8. You refuse to act first
Sometimes you have to be proactive to find the right person for you. Your standards are already very high and if it suits you, the perfect people for you are simply too intimidated to approach and show any interest. Perhaps you should sometimes consider doing the first step and interest you.


9. You never look only in a place
You may not only be looking for people in the same place. It could be your campus, your place of work, your neighborhood or online communities with people who appreciate the same things you love. However, if "proximity" is one of the standards of your book, you really reduce the number of people you could become friends. Expand your horizons! There are so many fish in the sea (so to speak).

10. You know what you want
In the end, know what you want is a good thing. It is always better to have high standards rather than any normal.

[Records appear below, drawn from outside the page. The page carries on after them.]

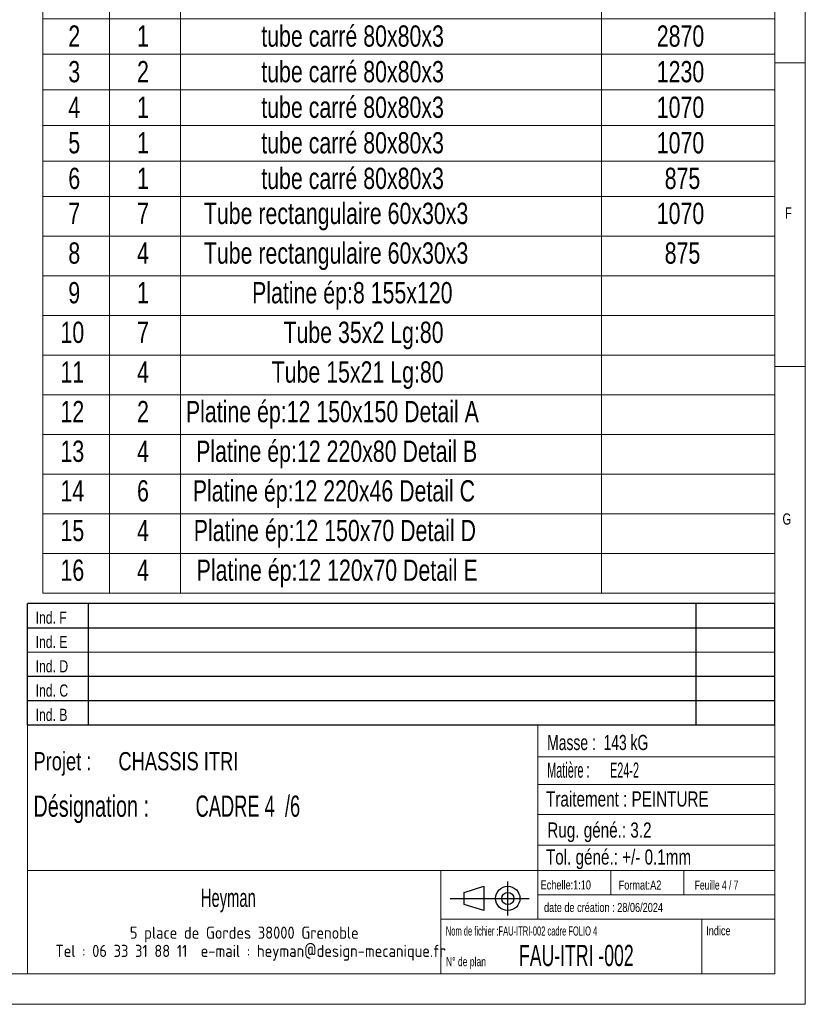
# Model space of a CAD drawing. Header units: millimetres. Extents: x 5 to 589, y 5 to 415.
# Tile 11 of 18: x 460 to 589, y 5 to 167. Entities that reach past the tile are written whole.
import ezdxf

# ---------------------------------------------------------------- set-up
doc = ezdxf.new("R2010")
doc.units = ezdxf.units.MM
doc.layers.add('NOTES', color=6, linetype='Continuous')
doc.styles.add('SLDTEXTSTYLE0', font='TXT', dxfattribs={"width": 0.75})
doc.styles.add('SLDTEXTSTYLE10', font='TXT', dxfattribs={"width": 0.642348})
doc.styles.add('SLDTEXTSTYLE11', font='TXT', dxfattribs={"width": 0.620127})
doc.styles.add('SLDTEXTSTYLE2', font='TXT', dxfattribs={"width": 0.617423})
doc.styles.add('SLDTEXTSTYLE3', font='TXT', dxfattribs={"width": 0.7})
doc.styles.add('SLDTEXTSTYLE4', font='TXT', dxfattribs={"width": 0.535475})
doc.styles.add('SLDTEXTSTYLE5', font='ISOCP3', dxfattribs={"width": 0.96})
doc.styles.add('SLDTEXTSTYLE6', font='TXT', dxfattribs={"width": 0.605})
doc.styles.add('SLDTEXTSTYLE7', font='TXT', dxfattribs={"width": 0.692308})
doc.styles.add('SLDTEXTSTYLE8', font='TXT', dxfattribs={"width": 0.683333})
doc.styles.add('SLDTEXTSTYLE9', font='TXT', dxfattribs={"width": 0.695728})

# ---------------------------------------------------------------- blocks, each defined once
blk = doc.blocks.new('TAB MODIFS_1')
for p, q in [((123, 20), (0, 20)), ((0, 0), (0, 20)), ((10, 20), (10, 0)), ((110, 20), (110, 0)), ((123, 0), (123, 20)), ((0, 16), (123, 16)), ((0, 8), (123, 8)), ((0, 4), (123, 4)), ((0, 0), (123, 0))]:
    blk.add_line(p, q)
at = {"color": 7, "linetype": 'Continuous', "lineweight": 18}
blk.add_line((0, 12), (123, 12), dxfattribs=at)
at = {"color": 7}
for tag in ['AUTOATTR0', 'AUTOATTR1', 'AUTOATTR2', 'AUTOATTR3', 'AUTOATTR4', 'AUTOATTR5', 'AUTOATTR6', 'AUTOATTR7', 'AUTOATTR8', 'AUTOATTR9']:
    blk.add_attdef(tag, (0, 0), '', height=1, dxfattribs=at)
at = {"layer": 'NOTES', "color": 211, "char_height": 2, "attachment_point": 1, "style": 'SLDTEXTSTYLE0'}
for s, insert in [('Ind. F', (1.36, 18.66)), ('Ind. E', (1.36, 14.66)), ('Ind. D', (1.36, 10.66)), ('Ind. C', (1.36, 6.66)), ('Ind. B', (1.36, 2.66))]:
    blk.add_mtext(s, dxfattribs=dict(at, insert=insert))
blk = doc.blocks.new('Bloc2_1')
for p, q in [((9.48, 0), (9.48, 5.6)), ((2.32, 3.8), (5.55, 4.8)), ((2.32, 1.8), (2.32, 3.8)), ((5.55, 4.8), (5.55, 0.8)), ((0, 2.8), (12.98, 2.8)), ((5.55, 0.8), (2.32, 1.8))]:
    blk.add_line(p, q)
for radius in [2, 1]:
    blk.add_circle((9.48, 2.8), radius)
blk = doc.blocks.new('SW_NOTE_1')
at = {"layer": 'NOTES', "color": 0, "char_height": 3, "attachment_point": 1, "style": 'SLDTEXTSTYLE0'}
for s, insert in [('Projet :', (0, 3.87)), ('CHASSIS ITRI', (13.98, 3.87))]:
    blk.add_mtext(s, dxfattribs=dict(at, insert=insert))
blk = doc.blocks.new('SW_NOTE_2')
at = {"layer": 'NOTES', "color": 0, "char_height": 2.5, "attachment_point": 1, "style": 'SLDTEXTSTYLE4'}
for s, insert in [('Matière :', (0, 3.22)), ('E24-2', (10.33, 3.22))]:
    blk.add_mtext(s, dxfattribs=dict(at, insert=insert))
blk = doc.blocks.new('SW_NOTE_3')
at = {"layer": 'NOTES', "color": 0, "char_height": 2, "attachment_point": 2, "style": 'SLDTEXTSTYLE5'}
for s, insert in [('5 place de Gordes 38000 Grenoble', (20.94, 2.58)), ('Tel : 06 33 31 88 11  e-mail : heyman@design-mecanique.fr', (22, -0.42))]:
    blk.add_mtext(s, dxfattribs=dict(at, insert=insert))
blk = doc.blocks.new('SW_NOTE_4')
at = {"layer": 'NOTES', "color": 0, "char_height": 3.5, "attachment_point": 1}
for s, insert, style in [('Désignation :', (0, 4.51), 'SLDTEXTSTYLE9'), ('CADRE 4  /6', (26.67, 4.51), 'SLDTEXTSTYLE10')]:
    blk.add_mtext(s, dxfattribs=dict(at, insert=insert, style=style))
blk = doc.blocks.new('SW_TABLEANNOTATION_0')
at = {"color": 0, "linetype": 'Continuous', "lineweight": 18}
for p, q in [((0, 0), (0, -106.93)), ((120.44, 0), (0, 0)), ((10.93, 0), (10.93, -6.53)), ((22.61, 0), (22.61, -6.53)), ((91.91, 0), (91.91, -6.53)), ((120.44, -106.93), (120.44, 0)), ((0, -6.53), (120.44, -6.53)), ((10.93, -6.53), (10.93, -106.93)), ((22.61, -6.53), (22.61, -106.93)), ((91.91, -6.53), (91.91, -106.93)), ((0, -12.38), (120.44, -12.38)), ((0, -18.24), (120.44, -18.24)), ((0, -24.1), (120.44, -24.1)), ((0, -29.96), (120.44, -29.96)), ((0, -35.81), (120.44, -35.81)), ((0, -41.67), (120.44, -41.67)), ((0, -48.2), (120.44, -48.2)), ((0, -54.72), (120.44, -54.72)), ((0, -61.25), (120.44, -61.25)), ((0, -67.77), (120.44, -67.77)), ((0, -74.3), (120.44, -74.3)), ((0, -80.82), (120.44, -80.82)), ((0, -87.35), (120.44, -87.35)), ((0, -93.88), (120.44, -93.88)), ((0, -100.4), (120.44, -100.4)), ((0, -106.93), (120.44, -106.93))]:
    blk.add_line(p, q, dxfattribs=at)
at = {"color": 0, "linetype": 'Continuous', "lineweight": 18, "char_height": 3.5, "attachment_point": 1, "style": 'SLDTEXTSTYLE0'}
for s, insert in [('No.', (0.92, -1.01)), ('QTE', (12.49, -1.01)), ('DESCRIPTION', (42.62, -1.01)), ('Longueur', (95.52, -1.01)), ('1', (4.17, -7.63)), ('1', (15.48, -7.63)), ('tube carré 80x80x3', (35.92, -7.63)), ('2870', (101, -7.63)), ('tube carré 80x80x3', (35.92, -13.49)), ('2', (4.17, -13.49)), ('1', (15.48, -13.49)), ('2870', (101, -13.49)), ('3', (4.17, -19.35)), ('2', (15.48, -19.35)), ('tube carré 80x80x3', (35.92, -19.35)), ('1230', (101, -19.35)), ('4', (4.17, -25.21)), ('1', (15.48, -25.21)), ('tube carré 80x80x3', (35.92, -25.21)), ('1070', (101, -25.21)), ('tube carré 80x80x3', (35.92, -31.06)), ('5', (4.17, -31.06)), ('1', (15.48, -31.06)), ('1070', (101, -31.06)), ('6', (4.17, -36.92)), ('1', (15.48, -36.92)), ('tube carré 80x80x3', (35.92, -36.92)), ('875', (102.3, -36.92)), ('7', (4.17, -42.68)), ('7', (15.48, -42.68)), ('Tube rectangulaire 60x30x3', (26.47, -42.68)), ('1070', (101, -42.68)), ('8', (4.17, -49.21)), ('4', (15.48, -49.21)), ('Tube rectangulaire 60x30x3', (26.47, -49.21)), ('875', (102.3, -49.21)), ('Platine ép:8 155x120', (34.41, -55.74)), ('9', (4.17, -55.74)), ('1', (15.48, -55.74)), ('10', (2.88, -62.26)), ('7', (15.48, -62.26)), ('Tube 35x2 Lg:80', (39.57, -62.26)), ('11', (2.88, -68.79)), ('4', (15.48, -68.79)), ('Tube 15x21 Lg:80', (37.63, -68.79)), ('12', (2.88, -75.31)), ('2', (15.48, -75.31)), ('Platine ép:12 150x150 Detail A', (23.52, -75.31)), ('13', (2.88, -81.84)), ('4', (15.48, -81.84)), ('Platine ép:12 220x80 Detail B', (25.2, -81.84)), ('14', (2.88, -88.36)), ('6', (15.48, -88.36)), ('Platine ép:12 220x46 Detail C', (24.65, -88.36)), ('15', (2.88, -94.89)), ('4', (15.48, -94.89)), ('Platine ép:12 150x70 Detail D', (24.81, -94.89)), ('16', (2.88, -101.42)), ('4', (15.48, -101.42)), ('Platine ép:12 120x70 Detail E', (25.29, -101.42))]:
    blk.add_mtext(s, dxfattribs=dict(at, insert=insert))

msp = doc.modelspace()

# ---------------------------------------------------------------- linework, layer by layer
at = {"lineweight": 18}
for p, q in [((589, 5), (589, 415)), ((584, 10), (584, 410)), ((584, 160), (589, 160)), ((589, 110), (584, 110)), ((461, 51), (461, 10)), ((584, 51), (461, 51)), ((545, 51), (545, 19)), ((584, 51), (584, 10)), ((545, 45.76), (584, 45.76)), ((545, 41.18), (584, 41.18)), ((545, 36.24), (584, 36.24)), ((545, 31.18), (584, 31.18)), ((461, 27), (584, 27)), ((529, 27), (529, 10)), ((557, 27), (557, 23)), ((569, 27), (569, 23)), ((545, 23), (584, 23)), ((529, 19), (584, 19)), ((572, 19), (572, 10)), ((10, 10), (584, 10)), ((461, 10), (584, 10)), ((5, 5), (589, 5))]:
    msp.add_line(p, q, dxfattribs=at)

# ---------------------------------------------------------------- block references
msp.add_blockref('SW_TABLEANNOTATION_0', (463.56, 179.63), dxfattribs=at)
for name, p in [('TAB MODIFS_1', (460.99, 50.99)), ('TAB MODIFS_1', (460.99, 50.99)), ('Bloc2_1', (530.56, 19.63)), ('Bloc2_1', (530.56, 19.63))]:
    msp.add_blockref(name, p)
at = {"layer": 'NOTES'}
for name, p in [('SW_NOTE_1', (462, 42.65)), ('SW_NOTE_2', (546.53, 41.58)), ('SW_NOTE_4', (462, 34.86)), ('SW_NOTE_3', (475.74, 15.21))]:
    msp.add_blockref(name, p, dxfattribs=at)

# ---------------------------------------------------------------- texts
for s, insert, char_height, attachment_point, style in [('F', (585.67, 136.17), 1.85, 1, 'SLDTEXTSTYLE0'), ('G', (585.25, 85.82), 1.85, 1, 'SLDTEXTSTYLE0'), ('Masse :  143 kG', (546.53, 49.35), 2.5, 1, 'SLDTEXTSTYLE8'), ('Traitement : PEINTURE', (546.34, 40.05), 2.5, 1, 'SLDTEXTSTYLE0'), ('Rug. géné.: 3.2', (546.55, 34.94), 2.5, 1, 'SLDTEXTSTYLE0'), ('Tol. géné.: +/- 0.1mm', (546.32, 30.5), 2.5, 1, 'SLDTEXTSTYLE0'), ('Echelle:1:10', (545.45, 25.4), 1.5, 1, 'SLDTEXTSTYLE0'), ('Format:A2', (558.29, 25.38), 1.5, 1, 'SLDTEXTSTYLE0'), ('Feuille 4 / 7', (570.81, 25.38), 1.5, 1, 'SLDTEXTSTYLE7'), ('Heyman', (494.06, 24.03), 3, 2, 'SLDTEXTSTYLE6'), ('date de création : 28/06/2024', (546.01, 21.69), 1.5, 1, 'SLDTEXTSTYLE0'), ('Nom de fichier :FAU-ITRI-002 cadre FOLIO 4', (529.85, 17.82), 1.5, 1, 'SLDTEXTSTYLE2'), ('Indice', (572.69, 17.86), 1.5, 1, 'SLDTEXTSTYLE0'), ('FAU-ITRI -002', (541.89, 14.79), 3.5, 1, 'SLDTEXTSTYLE11'), ('N° de plan', (529.88, 12.77), 1.5, 1, 'SLDTEXTSTYLE3')]:
    msp.add_mtext(s, dxfattribs=dict(at, insert=insert, char_height=char_height, attachment_point=attachment_point, style=style))

doc.saveas('drawing.dxf')

There is no way to be happy if you just settle for the first thing that comes from your way, no matter what it is. You must have standards and you must have healthy borders. So even if you find that high standards become a problem for you - do not be fighting about it.


11. You know your own value
Do not be fighting on your high standards. You just know what you bring to the table, you know you are a good person, and you know you deserve to be happy. If you are a good person, you deserve to be with someone who sees you as such and it's also, in their own way, a great person.

12. You should not be satisfied with less
At the end of the day, it is important that you do not just. If you settle, you will be unfortunate to know that the person with whom you find yourself do not worry about the person you imagined. It's one thing to understand that no one is perfect (it's healthy). It's a completely different thing when you are content with someone who does not even answer the basic criteria to be interesting, kind and excited to be with you.